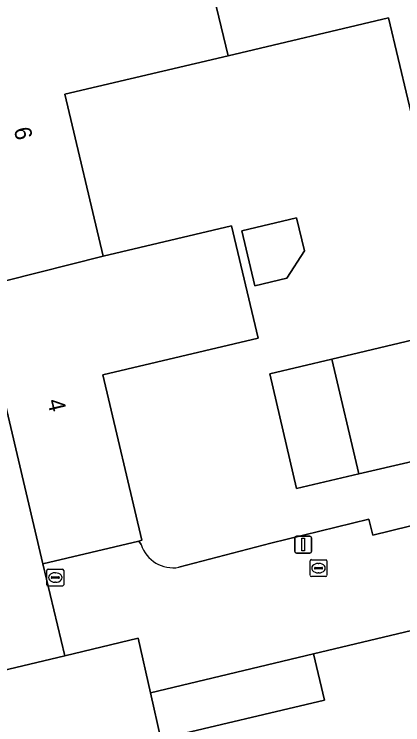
# Model space of a CAD drawing. Extents: x 157648 to 158502, y 379212 to 380938.
# Drawn here: x 158245.9 to 158268.9, y 380707 to 380749.02 of the extents above; entities that cross this region are included whole.
import ezdxf

# ---------------------------------------------------------------- set-up
doc = ezdxf.new("R2010")
doc.units = 0
for name, color, linetype in [('IMGEO_Erf', 7, 'Continuous'), ('IMGEO_Hek', 7, 'Continuous'), ('IMGEO_Kolk', 7, 'Continuous'), ('IMGEO_Lichtmast', 7, 'Continuous'), ('IMGEO_Pand', 7, 'Continuous'), ('IMGEO_Pand_nummerreeks', 7, 'Continuous'), ('IMGEO_Rijbaan_lokaal_open', 7, 'Continuous')]:
    doc.layers.add(name, color=color, linetype=linetype)

msp = doc.modelspace()

# ---------------------------------------------------------------- linework, layer by layer
at = {"layer": 'IMGEO_Erf'}
for points in [[(158272.26, 380739.64), (158270.333, 380739.185), (158268.058, 380748.813), (158258.559, 380746.568), (158248.902, 380744.286), (158251.165, 380734.711), (158258.765, 380736.507), (158260.334, 380729.868), (158251.15, 380727.697), (158253.462, 380717.912), (158253.285, 380717.87), (158253.417, 380717.657)], [(158255.652, 380716.314), (158261.084, 380717.74), (158266.879, 380719.16), (158267.114, 380718.206), (158276.849, 380720.602), (158276.608, 380721.554), (158276.017, 380724.096), (158266.293, 380721.834), (158262.617, 380720.979), (158261.039, 380727.764), (158264.689, 380728.626), (158274.324, 380730.903), (158272.26, 380739.64)]]:
    msp.add_lwpolyline(points, dxfattribs=at)
for points in [[(158262.026, 380733.403), (158260.137, 380732.957), (158259.369, 380736.207), (158262.616, 380736.974), (158263.076, 380735.029)], [(158253.97, 380708.886), (158254.589, 380706.162), (158264.273, 380708.45), (158263.621, 380711.19)]]:
    msp.add_lwpolyline(points, close=True, dxfattribs=at)
msp.add_arc((158255.31, 380718.276), 1.992, 198.108, 279.8891, dxfattribs=at)
at = {"layer": 'IMGEO_Hek'}
for points in [[(158253.417, 380717.657), (158253.285, 380717.87)], [(158261.084, 380717.74), (158255.652, 380716.314)]]:
    msp.add_lwpolyline(points, dxfattribs=at)
msp.add_arc((158255.31, 380718.276), 1.992, 198.108, 279.8891, dxfattribs=at)
at = {"layer": 'IMGEO_Kolk'}
for p, q in [((158263.41, 380715.84), (158263.41, 380716.692)), ((158263.485, 380716.766), (158264.337, 380716.766)), ((158263.898, 380716.546), (158263.923, 380716.546)), ((158264.411, 380716.692), (158264.411, 380715.84)), ((158247.832, 380715.282), (158247.832, 380716.134)), ((158247.907, 380716.208), (158248.759, 380716.208)), ((158248.833, 380716.134), (158248.833, 380715.282)), ((158263.669, 380716.26), (158263.669, 380716.272)), ((158264.107, 380716.223), (158263.709, 380716.223)), ((158263.712, 380716.309), (158264.11, 380716.309)), ((158264.153, 380716.272), (158264.153, 380716.26)), ((158248.091, 380715.702), (158248.091, 380715.714)), ((158248.529, 380715.665), (158248.131, 380715.665)), ((158248.134, 380715.751), (158248.532, 380715.751)), ((158248.32, 380715.988), (158248.345, 380715.988)), ((158248.575, 380715.714), (158248.575, 380715.702)), ((158264.337, 380715.766), (158263.485, 380715.766)), ((158263.921, 380715.986), (158263.896, 380715.986)), ((158248.759, 380715.208), (158247.907, 380715.208)), ((158248.343, 380715.428), (158248.318, 380715.428))]:
    msp.add_line(p, q, dxfattribs=at)
for points in [[(158263.41, 380715.84), (158263.41, 380716.692)], [(158263.485, 380716.766), (158264.337, 380716.766)], [(158264.411, 380716.692), (158264.411, 380715.84)], [(158247.832, 380715.282), (158247.832, 380716.134)], [(158247.907, 380716.208), (158248.759, 380716.208)], [(158248.833, 380716.134), (158248.833, 380715.282)], [(158264.337, 380715.766), (158263.485, 380715.766)], [(158248.759, 380715.208), (158247.907, 380715.208)]]:
    msp.add_lwpolyline(points, dxfattribs=at)
for centre, radius, start, end in [((158263.487, 380716.69), 0.0765, 91.552, 178.448), ((158263.487, 380716.69), 0.0765, 91.552, 178.448), ((158264.335, 380716.69), 0.0765, 1.552, 88.448), ((158264.335, 380716.69), 0.0765, 1.552, 88.448), ((158247.909, 380716.132), 0.0765, 91.552, 178.448), ((158247.909, 380716.132), 0.0765, 91.552, 178.448), ((158248.757, 380716.132), 0.0765, 1.552, 88.448), ((158248.757, 380716.132), 0.0765, 1.552, 88.448), ((158263.709, 380716.269), 0.0403, 85.8775, 175.7526), ((158263.706, 380716.259), 0.0366, 178.938, 274.7102), ((158264.11, 380716.266), 0.043, 264.8664, 352.4533), ((158264.114, 380716.271), 0.0386, 1.7309, 96.639), ((158248.131, 380715.711), 0.0403, 85.8775, 175.7526), ((158248.128, 380715.701), 0.0366, 178.938, 274.7102), ((158248.532, 380715.708), 0.043, 264.8664, 352.4533), ((158248.536, 380715.713), 0.0386, 1.7309, 96.639), ((158263.487, 380715.842), 0.0765, 181.552, 268.448), ((158263.487, 380715.842), 0.0765, 181.552, 268.448), ((158264.335, 380715.842), 0.0765, 271.552, 358.448), ((158264.335, 380715.842), 0.0765, 271.552, 358.448), ((158247.909, 380715.284), 0.0765, 181.552, 268.448), ((158247.909, 380715.284), 0.0765, 181.552, 268.448), ((158248.757, 380715.284), 0.0765, 271.552, 358.448), ((158248.757, 380715.284), 0.0765, 271.552, 358.448)]:
    msp.add_arc(centre, radius, start, end, dxfattribs=at)
for centre, major_axis, ratio, start_param, end_param in [((158263.897, 380716.266), (-0.387, 0.002), 0.722429, 4.712389, 7.853982), ((158263.922, 380716.266), (-0.39, 0.002), 0.717154, 1.570796, 4.712389), ((158248.319, 380715.708), (-0.387, 0.002), 0.722429, 4.712389, 7.853982), ((158248.344, 380715.708), (-0.39, 0.002), 0.717154, 1.570796, 4.712389)]:
    msp.add_ellipse(centre, major_axis=major_axis, ratio=ratio, start_param=start_param, end_param=end_param, dxfattribs=at)
at = {"layer": 'IMGEO_Lichtmast'}
for p, q in [((158262.607, 380718.154), (158263.397, 380718.154)), ((158263.397, 380718.154), (158262.607, 380718.154)), ((158262.507, 380717.254), (158262.507, 380718.054)), ((158262.507, 380718.054), (158262.507, 380717.254)), ((158263.497, 380718.054), (158263.497, 380717.254)), ((158263.497, 380717.254), (158263.497, 380718.054)), ((158263.397, 380717.154), (158262.607, 380717.154)), ((158262.607, 380717.154), (158263.397, 380717.154))]:
    msp.add_line(p, q, dxfattribs=at)
msp.add_lwpolyline([(158262.927, 380718.029), (158263.077, 380718.029), (158263.077, 380717.279), (158262.927, 380717.279), (158262.927, 380718.029)], dxfattribs=at)
for centre, start, end in [((158262.607, 380718.054), 90, 180), ((158262.607, 380718.054), 90, 180), ((158263.397, 380718.054), 0, 90), ((158263.397, 380718.054), 360, 90), ((158262.607, 380717.254), 180, 270), ((158262.607, 380717.254), 180, 270), ((158263.397, 380717.254), 270, 0), ((158263.397, 380717.254), 270, 0)]:
    msp.add_arc(centre, 0.1, start, end, dxfattribs=at)
at = {"layer": 'IMGEO_Pand'}
for points in [[(158273.769, 380751.827), (158273.435, 380753.237), (158275.19, 380753.654), (158274.307, 380757.374), (158272.309, 380756.906), (158264.306, 380755.031), (158256.966, 380753.286), (158257.745, 380750), (158258.559, 380746.568), (158268.058, 380748.813), (158270.333, 380739.185), (158272.26, 380739.64), (158276.422, 380740.61)], [(158251.165, 380734.711), (158248.902, 380744.286), (158258.559, 380746.568), (158257.745, 380750), (158256.966, 380753.286), (158249.719, 380751.564), (158239.831, 380749.23), (158240.714, 380745.496), (158242.413, 380745.898), (158245.399, 380733.264)], [(158264.689, 380728.626), (158266.293, 380721.834), (158276.017, 380724.096), (158276.608, 380721.554), (158282.457, 380722.915), (158278.162, 380741.009), (158276.422, 380740.61), (158272.26, 380739.64), (158274.324, 380730.903)], [(158262.026, 380733.403), (158263.076, 380735.029), (158262.616, 380736.974), (158259.369, 380736.207), (158260.137, 380732.957)], [(158258.765, 380736.507), (158251.165, 380734.711), (158245.399, 380733.264), (158243.735, 380732.87), (158244.166, 380731.05), (158247.603, 380716.527), (158253.285, 380717.87), (158253.462, 380717.912), (158251.15, 380727.697), (158260.334, 380729.868)], [(158264.689, 380728.626), (158261.039, 380727.764), (158262.617, 380720.979), (158266.293, 380721.834)], [(158254.589, 380706.162), (158256.064, 380699.674), (158265.77, 380701.967), (158267.872, 380693.071), (158273.711, 380694.451), (158271.771, 380702.659), (158270.121, 380709.895), (158269.481, 380712.584), (158269.421, 380712.57), (158263.621, 380711.19), (158264.273, 380708.45)], [(158245.021, 380703.851), (158249.683, 380704.952), (158254.589, 380706.162), (158253.97, 380708.886), (158253.235, 380712.117), (158248.892, 380711.083), (158235.125, 380707.805), (158236.518, 380701.972), (158239.156, 380702.602), (158241.391, 380693.142), (158247.232, 380694.492)]]:
    msp.add_lwpolyline(points, close=True, dxfattribs=at)
at = {"layer": 'IMGEO_Rijbaan_lokaal_open'}
for points in [[(158247.603, 380716.527), (158244.166, 380731.05), (158237.411, 380729.488), (158234.236, 380728.754), (158233.782, 380730.492), (158231.155, 380729.871)], [(158230.481, 380727.87), (158223.363, 380726.13), (158219.966, 380725.316), (158221.618, 380718.692), (158222.507, 380715.126), (158224.836, 380705.355), (158235.125, 380707.805), (158248.892, 380711.083), (158247.603, 380716.527)], [(158285.778, 380724.361), (158285.346, 380724.251), (158285.482, 380723.632), (158285.346, 380723.589), (158282.457, 380722.915), (158276.608, 380721.554), (158276.849, 380720.602), (158267.114, 380718.206), (158266.879, 380719.16), (158261.084, 380717.74), (158255.652, 380716.314)], [(158253.417, 380717.657), (158253.285, 380717.87), (158247.603, 380716.527), (158248.892, 380711.083), (158253.235, 380712.117), (158253.97, 380708.886), (158263.621, 380711.19), (158269.421, 380712.57)]]:
    msp.add_lwpolyline(points, dxfattribs=at)
msp.add_arc((158255.31, 380718.276), 1.992, 198.108, 279.8891, dxfattribs=at)

# ---------------------------------------------------------------- texts
at = {"layer": 'IMGEO_Pand_nummerreeks'}
for s, rotation, p in [('6', 283.2976, (158245.87, 380742.229)), ('4', 283.2924, (158247.853, 380726.16))]:
    msp.add_text(s, height=1, rotation=rotation, dxfattribs=at).set_placement(p)

doc.saveas('drawing.dxf')

···

Check each line above for the string "name", then copy the ones that have it.

for name, color, linetype in [('IMGEO_Erf', 7, 'Continuous'), ('IMGEO_Hek', 7, 'Continuous'), ('IMGEO_Kolk', 7, 'Continuous'), ('IMGEO_Lichtmast', 7, 'Continuous'), ('IMGEO_Pand', 7, 'Continuous'), ('IMGEO_Pand_nummerreeks', 7, 'Continuous'), ('IMGEO_Rijbaan_lokaal_open', 7, 'Continuous')]:
    doc.layers.add(name, color=color, linetype=linetype)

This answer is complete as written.